Os sócios tinham uma plataforma digital, montaram uma equipe de experts em merchandising, marketing digital e vendas. Na época, a companhia recebeu investimentos do fundo de venture capital americano Flybridge Capital Partners e, logo em seguida, do e.bricks eventures.
Até hoje, a Infracommerce recebeu um total de US$ 35 milhões em aportes. O modelo é muito parecido com o de uma companhia chinesa chamada Baozun que trabalha nesse segmento, tem capital aberto na Nasdaq e avaliação de mercado superior a US$ 1,67 bilhão.
Hoje, além do Brasil, a companhia atua na Argentina, Colômbia e México, e conta com um total de 1,5 mil funcionários. “O Brasil representa 90% do faturamento e o restante da América Latina responde por 10%”, diz Schoppen.
A meta é fazer com que os outros países da região passem a representar 40% da receita, nos próximos cinco anos. “É um desafio muito grande. Tirando o Mercado Livre, poucos conseguem operar na região”, diz o executivo. Mas é inevitável. “As empresas estrangeiras querem uma operação regional. Fazer contrato de guarda-chuva para a região toda.”

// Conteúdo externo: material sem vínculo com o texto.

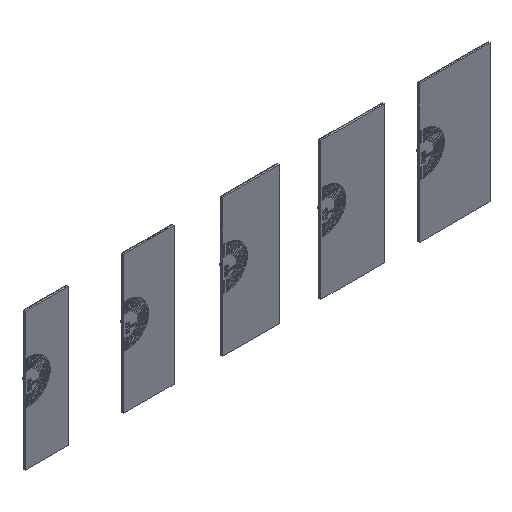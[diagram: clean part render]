
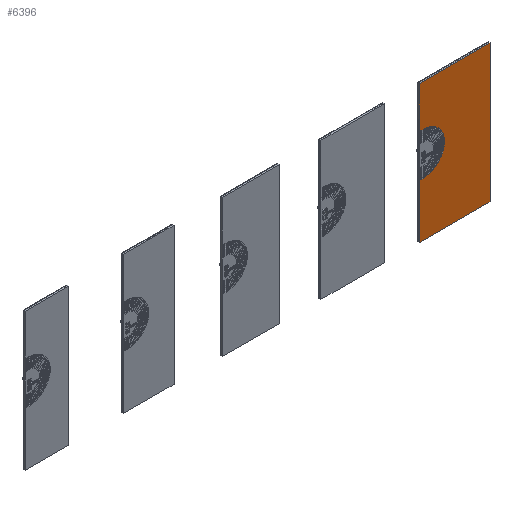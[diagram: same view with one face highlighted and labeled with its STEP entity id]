
A CAD part, isometric view. The second image highlights one B-rep face of the part: STEP entity #6396.
In plain terms, the highlighted planar face has unit normal (0, -1, 0).
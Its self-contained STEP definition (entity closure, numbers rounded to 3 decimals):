
#4084=CIRCLE('',#42056,313.);
#6396=ADVANCED_FACE('',(#9422),#7434,.F.);
#7434=PLANE('',#42057);
#9422=FACE_OUTER_BOUND('',#11760,.T.);
#11760=EDGE_LOOP('',(#21765,#21766,#21767,#21768,#21769,#21770,#21771,#21772));
#21765=ORIENTED_EDGE('',*,*,#31629,.T.);
#21766=ORIENTED_EDGE('',*,*,#31630,.T.);
#21767=ORIENTED_EDGE('',*,*,#31372,.T.);
#21768=ORIENTED_EDGE('',*,*,#31631,.T.);
#21769=ORIENTED_EDGE('',*,*,#31632,.F.);
#21770=ORIENTED_EDGE('',*,*,#31627,.F.);
#21771=ORIENTED_EDGE('',*,*,#31368,.T.);
#21772=ORIENTED_EDGE('',*,*,#31633,.F.);
#26151=VERTEX_POINT('',#70293);
#26152=VERTEX_POINT('',#70295);
#26155=VERTEX_POINT('',#70301);
#26156=VERTEX_POINT('',#70303);
#26382=VERTEX_POINT('',#70795);
#26383=VERTEX_POINT('',#70799);
#26384=VERTEX_POINT('',#70800);
#26385=VERTEX_POINT('',#70803);
#31368=EDGE_CURVE('',#26152,#26151,#34776,.T.);
#31372=EDGE_CURVE('',#26156,#26155,#34780,.T.);
#31627=EDGE_CURVE('',#26152,#26382,#34914,.T.);
#31629=EDGE_CURVE('',#26383,#26384,#4084,.T.);
#31630=EDGE_CURVE('',#26384,#26156,#34916,.T.);
#31631=EDGE_CURVE('',#26155,#26385,#34917,.T.);
#31632=EDGE_CURVE('',#26382,#26385,#34918,.T.);
#31633=EDGE_CURVE('',#26383,#26151,#34919,.T.);
#34776=LINE('',#70294,#37776);
#34780=LINE('',#70302,#37780);
#34914=LINE('',#70794,#37914);
#34916=LINE('',#70801,#37916);
#34917=LINE('',#70802,#37917);
#34918=LINE('',#70804,#37918);
#34919=LINE('',#70805,#37919);
#37776=VECTOR('',#52551,1.);
#37780=VECTOR('',#52555,1.);
#37914=VECTOR('',#52953,1.);
#37916=VECTOR('',#52959,1.);
#37917=VECTOR('',#52960,1.);
#37918=VECTOR('',#52961,1.);
#37919=VECTOR('',#52962,1.);
#42056=AXIS2_PLACEMENT_3D('',#70798,#52957,#52958);
#42057=AXIS2_PLACEMENT_3D('',#70806,#52963,#52964);
#52551=DIRECTION('',(0.,0.,-1.));
#52555=DIRECTION('',(0.,0.,-1.));
#52953=DIRECTION('',(1.,0.,0.));
#52957=DIRECTION('',(0.,1.,0.));
#52958=DIRECTION('',(0.,0.,1.));
#52959=DIRECTION('',(-1.,0.,0.));
#52960=DIRECTION('',(1.,0.,0.));
#52961=DIRECTION('',(0.,0.,-1.));
#52962=DIRECTION('',(-1.,0.,0.));
#52963=DIRECTION('',(0.,1.,0.));
#52964=DIRECTION('',(-1.,0.,0.));
#70293=CARTESIAN_POINT('',(5480.5,-39.3,1417.));
#70294=CARTESIAN_POINT('',(5480.5,-39.3,2027.));
#70295=CARTESIAN_POINT('',(5480.5,-39.3,2027.));
#70301=CARTESIAN_POINT('',(5480.5,-39.3,0.));
#70302=CARTESIAN_POINT('',(5480.5,-39.3,2027.));
#70303=CARTESIAN_POINT('',(5480.5,-39.3,791.));
#70794=CARTESIAN_POINT('',(5680.5,-39.3,2027.));
#70795=CARTESIAN_POINT('',(6519.5,-39.3,2027.));
#70798=CARTESIAN_POINT('',(5535.5,-39.3,1104.));
#70799=CARTESIAN_POINT('',(5535.5,-39.3,1417.));
#70800=CARTESIAN_POINT('',(5535.5,-39.3,791.));
#70801=CARTESIAN_POINT('',(5535.5,-39.3,791.));
#70802=CARTESIAN_POINT('',(5680.5,-39.3,0.));
#70803=CARTESIAN_POINT('',(6519.5,-39.3,0.));
#70804=CARTESIAN_POINT('',(6519.5,-39.3,2027.));
#70805=CARTESIAN_POINT('',(5535.5,-39.3,1417.));
#70806=CARTESIAN_POINT('',(5680.5,-39.3,2027.));

Sobre novos aportes e a meta do tão sonhado valuation de US$ 1 bilhão, que faria a empresa se tornar um unicórnio, Schoppen tem os pés no chão. “Quero ser um unicórnio sustentável. Minha visão é mais de um alemão tradicional. Montamos uma empresa e não uma boa história para alguém investir. Se você tem uma empresa você pode vender. Se você tem uma história, precisa contá-la muito bem e ter sorte.”